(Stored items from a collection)
===

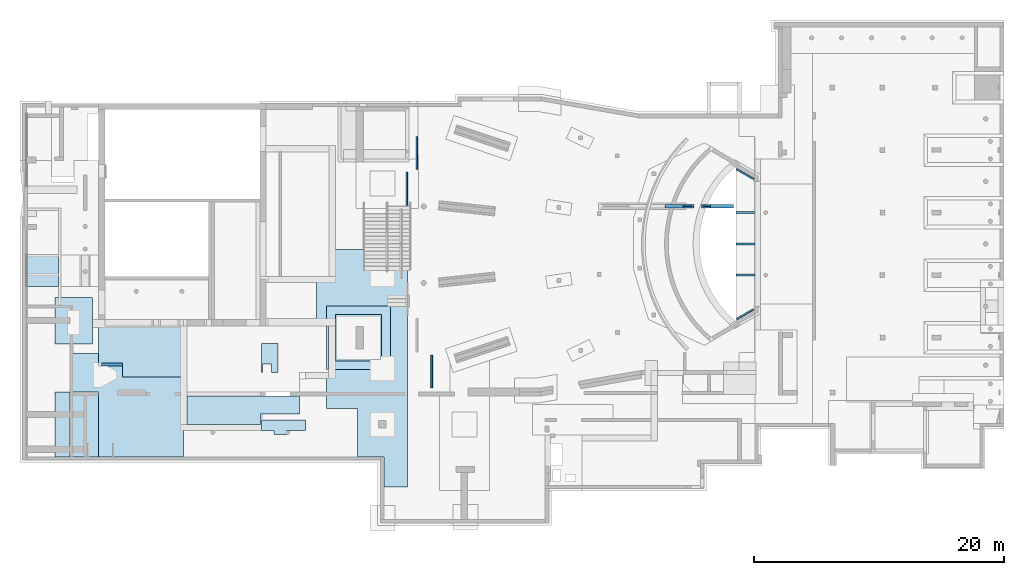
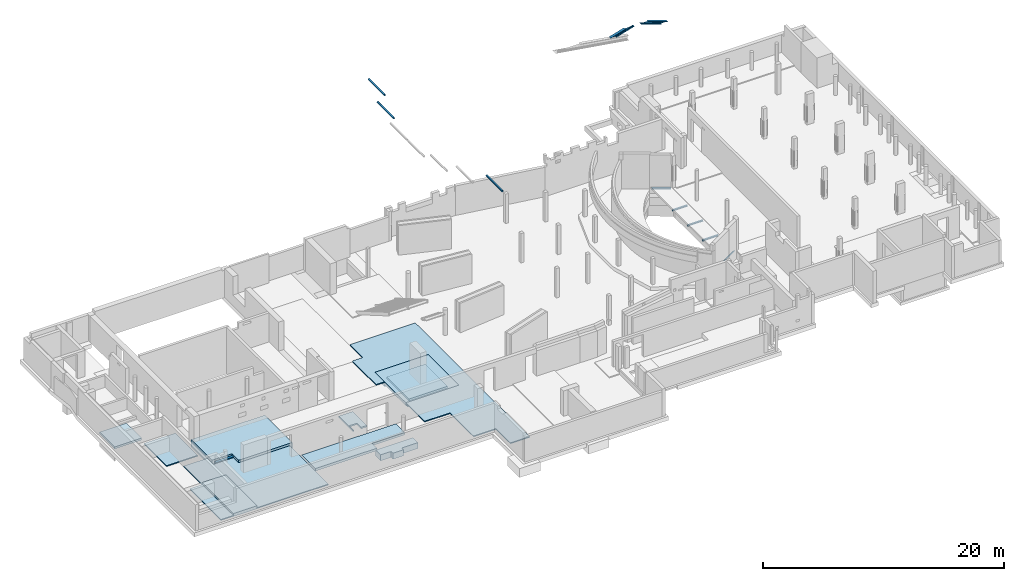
# One storey, part 28 of 42: 14 slabs, 10 beams.
"""IFC2X3 building model written with IfcOpenShell, lengths in millimetres."""

from ifc_helpers import new_model, entity, si_unit, converted_unit, derived_unit, direction, frame, frame_2d, origin, origin_2d_with_axis, place, context, subcontext, project, spatial, polyline, circle_curve, parameter, trimmed, segment, composite_curve, rectangle, i_section, outline, extrude, clip, halfspace, material, layer, layer_set, layer_usage, type_object, element, save


model = new_model("IFC2X3")

# Units and contexts
model_context = context("Model", 3, precision=0.01, world=origin(), true_north=direction((6.12303176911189e-17, 1.0)))
body_context = subcontext(model_context, "Body", "Model", "MODEL_VIEW")
ifc_project = project(units=[si_unit("LENGTHUNIT", "METRE", prefix="MILLI"), si_unit("AREAUNIT", "SQUARE_METRE", prefix="MILLI"), si_unit("VOLUMEUNIT", "CUBIC_METRE"), converted_unit("PLANEANGLEUNIT", "DEGREE", entity("IfcRatioMeasure", 0.0174532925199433), si_unit("PLANEANGLEUNIT", "RADIAN"), dimensions=[0, 0, 0, 0, 0, 0, 0]), si_unit("MASSUNIT", "GRAM", prefix="KILO"), derived_unit("MASSDENSITYUNIT", [(si_unit("MASSUNIT", "GRAM", prefix="KILO"), 1), (si_unit("LENGTHUNIT", "METRE"), -3)]), derived_unit("MOMENTOFINERTIAUNIT", [(si_unit("LENGTHUNIT", "METRE"), 4)]), si_unit("TIMEUNIT", "SECOND"), si_unit("FREQUENCYUNIT", "HERTZ"), si_unit("THERMODYNAMICTEMPERATUREUNIT", "DEGREE_CELSIUS"), derived_unit("THERMALTRANSMITTANCEUNIT", [(si_unit("MASSUNIT", "GRAM", prefix="KILO"), 1), (si_unit("THERMODYNAMICTEMPERATUREUNIT", "KELVIN"), -1), (si_unit("TIMEUNIT", "SECOND"), -3)]), derived_unit("VOLUMETRICFLOWRATEUNIT", [(si_unit("LENGTHUNIT", "METRE"), 3), (si_unit("TIMEUNIT", "SECOND"), -1)]), si_unit("ELECTRICCURRENTUNIT", "AMPERE"), si_unit("ELECTRICVOLTAGEUNIT", "VOLT"), si_unit("POWERUNIT", "WATT"), si_unit("FORCEUNIT", "NEWTON", prefix="KILO"), si_unit("ILLUMINANCEUNIT", "LUX"), si_unit("LUMINOUSFLUXUNIT", "LUMEN"), si_unit("LUMINOUSINTENSITYUNIT", "CANDELA"), derived_unit("USERDEFINED", [(si_unit("MASSUNIT", "GRAM", prefix="KILO"), -1), (si_unit("LENGTHUNIT", "METRE"), -2), (si_unit("TIMEUNIT", "SECOND"), 3), (si_unit("LUMINOUSFLUXUNIT", "LUMEN"), 1)]), derived_unit("LINEARVELOCITYUNIT", [(si_unit("LENGTHUNIT", "METRE"), 1), (si_unit("TIMEUNIT", "SECOND"), -1)]), si_unit("PRESSUREUNIT", "PASCAL"), derived_unit("USERDEFINED", [(si_unit("LENGTHUNIT", "METRE"), -2), (si_unit("MASSUNIT", "GRAM", prefix="KILO"), 1), (si_unit("TIMEUNIT", "SECOND"), -2)]), derived_unit("LINEARFORCEUNIT", [(si_unit("MASSUNIT", "GRAM", prefix="KILO"), 1), (si_unit("LENGTHUNIT", "METRE"), 1), (si_unit("TIMEUNIT", "SECOND"), -2), (si_unit("LENGTHUNIT", "METRE"), -1)]), derived_unit("PLANARFORCEUNIT", [(si_unit("MASSUNIT", "GRAM", prefix="KILO"), 1), (si_unit("LENGTHUNIT", "METRE"), 1), (si_unit("TIMEUNIT", "SECOND"), -2), (si_unit("LENGTHUNIT", "METRE"), -2)])], contexts=[model_context])

# Site, building, storey
site_placement = place(None, origin())
site = spatial("IfcSite", under=ifc_project, at=site_placement, Name="Theater aan de Parade", CompositionType="ELEMENT")
building_placement = place(site_placement, origin())
building = spatial("IfcBuilding", under=site, at=building_placement, Name="Theater aan de Parade", CompositionType="ELEMENT")
storey_placement = place(building_placement, frame((0.0, 0.0, -3300.0)))
storey = spatial("IfcBuildingStorey", under=building, at=storey_placement, Name="-1 kelder", CompositionType="ELEMENT", Elevation=-3300.0)

# Beams
ifc_material_1 = material(Name="00_PBT_MAT_staal_S355")
beam_type_1 = type_object("IfcBeamType", Name="28_PBT_SF_staal_H-profiel:S355_HE140A", PredefinedType="NOTDEFINED")
beam_1_placement = place(storey_placement, frame((67250.0, 34970.0, 0.0)))
element("IfcBeam", 1, at=beam_1_placement, inside=storey, type_object=beam_type_1, material=ifc_material_1, Name="28_PBT_SF_staal_H-profiel:S355_HE140A", ObjectType="28_PBT_SF_staal_H-profiel:S355_HE140A", context=body_context, shape_type="SweptSolid", body=[
    extrude(i_section(OverallWidth=140.000000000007, OverallDepth=133.0, WebThickness=5.4999999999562, FlangeThickness=8.49999999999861, FilletRadius=12.000000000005, at=frame_2d((-8.10018718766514e-13, -6.49436060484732e-12), x_axis=(0.0, 1.0))), frame((0.0, 0.0, 443.499999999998), z_axis=(1.0, 0.0, 0.0), x_axis=(0.0, 0.0, -1.0)), (0.0, 0.0, 1.0), 1470.0000000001),
])
beam_2_placement = place(storey_placement, frame((67250.0, 32453.0, 0.0)))
element("IfcBeam", 2, at=beam_2_placement, inside=storey, type_object=beam_type_1, material=ifc_material_1, Name="28_PBT_SF_staal_H-profiel:S355_HE140A", ObjectType="28_PBT_SF_staal_H-profiel:S355_HE140A", context=body_context, shape_type="SweptSolid", body=[
    extrude(i_section(OverallWidth=140.000000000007, OverallDepth=133.0, WebThickness=5.4999999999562, FlangeThickness=8.49999999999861, FilletRadius=12.000000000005, at=frame_2d((-2.70006239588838e-13, -2.16715534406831e-12), x_axis=(0.0, 1.0))), frame((0.0, 0.0, 443.499999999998), z_axis=(1.0, 0.0, 0.0), x_axis=(0.0, 0.0, -1.0)), (0.0, 0.0, 1.0), 1510.00000000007),
])
beam_3_placement = place(storey_placement, frame((67250.0, 29970.0, 0.0)))
element("IfcBeam", 3, at=beam_3_placement, inside=storey, type_object=beam_type_1, material=ifc_material_1, Name="28_PBT_SF_staal_H-profiel:S355_HE140A", ObjectType="28_PBT_SF_staal_H-profiel:S355_HE140A", context=body_context, shape_type="SweptSolid", body=[
    extrude(i_section(OverallWidth=140.000000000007, OverallDepth=133.0, WebThickness=5.4999999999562, FlangeThickness=8.49999999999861, FilletRadius=12.000000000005, at=frame_2d((-2.70006239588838e-13, 6.49436060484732e-12), x_axis=(0.0, 1.0))), frame((0.0, 0.0, 443.499999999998), z_axis=(1.0, 0.0, 0.0), x_axis=(0.0, 0.0, -1.0)), (0.0, 0.0, 1.0), 1510.00000000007),
])
beam_type_2 = type_object("IfcBeamType", Name="28_PBT_SF_staal_L-profiel:S355_L150x150x15", PredefinedType="NOTDEFINED")
beam_4_placement = place(storey_placement, frame((67305.6569568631, 38476.8504600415, 0.0), z_axis=(0.0, 0.0, 1.0), x_axis=(0.866064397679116, -0.499932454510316, 0.0)))
element("IfcBeam", 4, at=beam_4_placement, inside=storey, type_object=beam_type_2, material=ifc_material_1, Name="28_PBT_SF_staal_L-profiel:S355_L150x150x15", ObjectType="28_PBT_SF_staal_L-profiel:S355_L150x150x15", context=body_context, shape_type="SweptSolid", body=[
    extrude(outline(composite_curve([segment(polyline([(49.6666666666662, -93.3333333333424), (56.6666666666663, -93.3333333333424)]), True, "CONTINUOUS"), segment(polyline([(56.6666666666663, -93.3333333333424), (56.6666666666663, 56.6666666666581)]), True, "CONTINUOUS"), segment(polyline([(56.6666666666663, 56.6666666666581), (-93.3333333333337, 56.6666666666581)]), True, "CONTINUOUS"), segment(polyline([(-93.3333333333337, 56.6666666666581), (-93.3333333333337, 49.6666666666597)]), True, "CONTINUOUS"), segment(trimmed(circle_curve(frame_2d((-85.3333333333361, 49.6666666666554), x_axis=(-1.0, 0.0)), 7.99999999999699), [parameter(0.0)], [parameter(90.0000000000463)], True, "PARAMETER"), True, "CONTINUOUS"), segment(polyline([(-85.3333333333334, 41.6666666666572), (25.6666666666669, 41.6666666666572)]), True, "CONTINUOUS"), segment(trimmed(circle_curve(frame_2d((25.6666666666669, 25.6666666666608), x_axis=(0.0, 1.0)), 15.9999999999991), [parameter(269.999999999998)], [parameter(0.0)], True, "PARAMETER"), False, "CONTINUOUS"), segment(polyline([(41.6666666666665, 25.6666666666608), (41.6666666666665, -85.3333333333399)]), True, "CONTINUOUS"), segment(trimmed(circle_curve(frame_2d((49.666666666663, -85.3333333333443), x_axis=(-1.0, 0.0)), 7.99999999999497), [parameter(0.0)], [parameter(90.0000000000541)], True, "PARAMETER"), True, "CONTINUOUS")], self_intersect=False)), frame((0.0, -14.1666666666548, 551.666666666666), z_axis=(1.0, 0.0, 0.0), x_axis=(0.0, 0.0, -1.0)), (0.0, 0.0, 1.0), 1600.0),
])
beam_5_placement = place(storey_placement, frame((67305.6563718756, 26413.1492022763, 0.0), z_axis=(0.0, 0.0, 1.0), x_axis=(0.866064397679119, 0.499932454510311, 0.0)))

===

### TASK REQUIREMENTS
Every line in the records that holds the word "Parade" should be copied into the answer.

### RESPONSE TO THIS EXERCISE
site = spatial("IfcSite", under=ifc_project, at=site_placement, Name="Theater aan de Parade", CompositionType="ELEMENT")
building = spatial("IfcBuilding", under=site, at=building_placement, Name="Theater aan de Parade", CompositionType="ELEMENT")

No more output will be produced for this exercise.